# [Problem details]
The copy you produce must hold every record exactly, and none of the images.

# [Material for the task]
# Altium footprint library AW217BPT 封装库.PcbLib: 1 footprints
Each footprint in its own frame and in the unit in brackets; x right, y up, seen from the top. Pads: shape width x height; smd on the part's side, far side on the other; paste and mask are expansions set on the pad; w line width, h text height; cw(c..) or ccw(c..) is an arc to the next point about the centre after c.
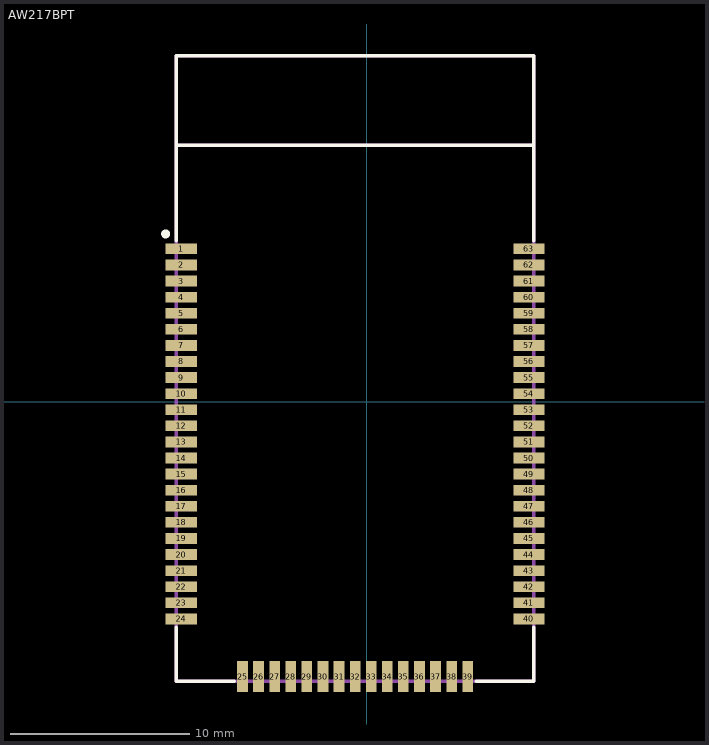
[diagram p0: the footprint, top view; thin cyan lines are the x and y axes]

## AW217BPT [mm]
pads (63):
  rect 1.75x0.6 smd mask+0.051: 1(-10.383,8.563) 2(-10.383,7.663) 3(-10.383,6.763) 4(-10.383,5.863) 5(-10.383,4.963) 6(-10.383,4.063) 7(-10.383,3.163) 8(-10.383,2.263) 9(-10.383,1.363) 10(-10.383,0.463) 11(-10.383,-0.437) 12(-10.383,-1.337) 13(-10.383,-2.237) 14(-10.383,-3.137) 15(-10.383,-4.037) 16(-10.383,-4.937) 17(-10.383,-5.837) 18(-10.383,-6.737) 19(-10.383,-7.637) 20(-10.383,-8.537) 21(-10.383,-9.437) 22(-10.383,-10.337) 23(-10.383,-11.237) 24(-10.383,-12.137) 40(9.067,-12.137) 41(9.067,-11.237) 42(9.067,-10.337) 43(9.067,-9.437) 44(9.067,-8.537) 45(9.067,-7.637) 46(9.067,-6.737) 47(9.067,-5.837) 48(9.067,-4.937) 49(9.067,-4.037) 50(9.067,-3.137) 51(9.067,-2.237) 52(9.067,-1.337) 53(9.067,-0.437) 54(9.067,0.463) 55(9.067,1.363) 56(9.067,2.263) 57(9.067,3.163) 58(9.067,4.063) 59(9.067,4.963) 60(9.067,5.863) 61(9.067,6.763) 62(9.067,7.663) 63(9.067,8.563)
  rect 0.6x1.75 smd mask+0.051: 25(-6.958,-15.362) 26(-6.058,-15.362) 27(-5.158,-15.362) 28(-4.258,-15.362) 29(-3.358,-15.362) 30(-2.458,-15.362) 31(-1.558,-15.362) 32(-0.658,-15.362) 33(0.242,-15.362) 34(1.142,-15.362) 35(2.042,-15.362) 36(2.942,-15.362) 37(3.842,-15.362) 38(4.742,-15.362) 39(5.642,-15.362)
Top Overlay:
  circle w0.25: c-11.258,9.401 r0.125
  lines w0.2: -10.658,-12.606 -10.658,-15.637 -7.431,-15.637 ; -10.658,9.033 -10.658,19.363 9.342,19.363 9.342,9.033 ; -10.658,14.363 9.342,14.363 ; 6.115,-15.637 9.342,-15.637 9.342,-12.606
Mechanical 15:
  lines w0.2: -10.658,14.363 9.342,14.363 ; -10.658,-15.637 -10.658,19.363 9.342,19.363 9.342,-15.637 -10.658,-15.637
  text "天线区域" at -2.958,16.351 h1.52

# [Expected output]
# Altium footprint library AW217BPT 封装库.PcbLib: 1 footprints
Each footprint in its own frame and in the unit in brackets; x right, y up, seen from the top. Pads: shape width x height; smd on the part's side, far side on the other; paste and mask are expansions set on the pad; w line width, h text height; cw(c..) or ccw(c..) is an arc to the next point about the centre after c.
[diagram p0: the footprint, top view; thin cyan lines are the x and y axes]

## AW217BPT [mm]
pads (63):
  rect 1.75x0.6 smd mask+0.051: 1(-10.383,8.563) 2(-10.383,7.663) 3(-10.383,6.763) 4(-10.383,5.863) 5(-10.383,4.963) 6(-10.383,4.063) 7(-10.383,3.163) 8(-10.383,2.263) 9(-10.383,1.363) 10(-10.383,0.463) 11(-10.383,-0.437) 12(-10.383,-1.337) 13(-10.383,-2.237) 14(-10.383,-3.137) 15(-10.383,-4.037) 16(-10.383,-4.937) 17(-10.383,-5.837) 18(-10.383,-6.737) 19(-10.383,-7.637) 20(-10.383,-8.537) 21(-10.383,-9.437) 22(-10.383,-10.337) 23(-10.383,-11.237) 24(-10.383,-12.137) 40(9.067,-12.137) 41(9.067,-11.237) 42(9.067,-10.337) 43(9.067,-9.437) 44(9.067,-8.537) 45(9.067,-7.637) 46(9.067,-6.737) 47(9.067,-5.837) 48(9.067,-4.937) 49(9.067,-4.037) 50(9.067,-3.137) 51(9.067,-2.237) 52(9.067,-1.337) 53(9.067,-0.437) 54(9.067,0.463) 55(9.067,1.363) 56(9.067,2.263) 57(9.067,3.163) 58(9.067,4.063) 59(9.067,4.963) 60(9.067,5.863) 61(9.067,6.763) 62(9.067,7.663) 63(9.067,8.563)
  rect 0.6x1.75 smd mask+0.051: 25(-6.958,-15.362) 26(-6.058,-15.362) 27(-5.158,-15.362) 28(-4.258,-15.362) 29(-3.358,-15.362) 30(-2.458,-15.362) 31(-1.558,-15.362) 32(-0.658,-15.362) 33(0.242,-15.362) 34(1.142,-15.362) 35(2.042,-15.362) 36(2.942,-15.362) 37(3.842,-15.362) 38(4.742,-15.362) 39(5.642,-15.362)
Top Overlay:
  circle w0.25: c-11.258,9.401 r0.125
  lines w0.2: -10.658,-12.606 -10.658,-15.637 -7.431,-15.637 ; -10.658,9.033 -10.658,19.363 9.342,19.363 9.342,9.033 ; -10.658,14.363 9.342,14.363 ; 6.115,-15.637 9.342,-15.637 9.342,-12.606
Mechanical 15:
  lines w0.2: -10.658,14.363 9.342,14.363 ; -10.658,-15.637 -10.658,19.363 9.342,19.363 9.342,-15.637 -10.658,-15.637
  text "天线区域" at -2.958,16.351 h1.52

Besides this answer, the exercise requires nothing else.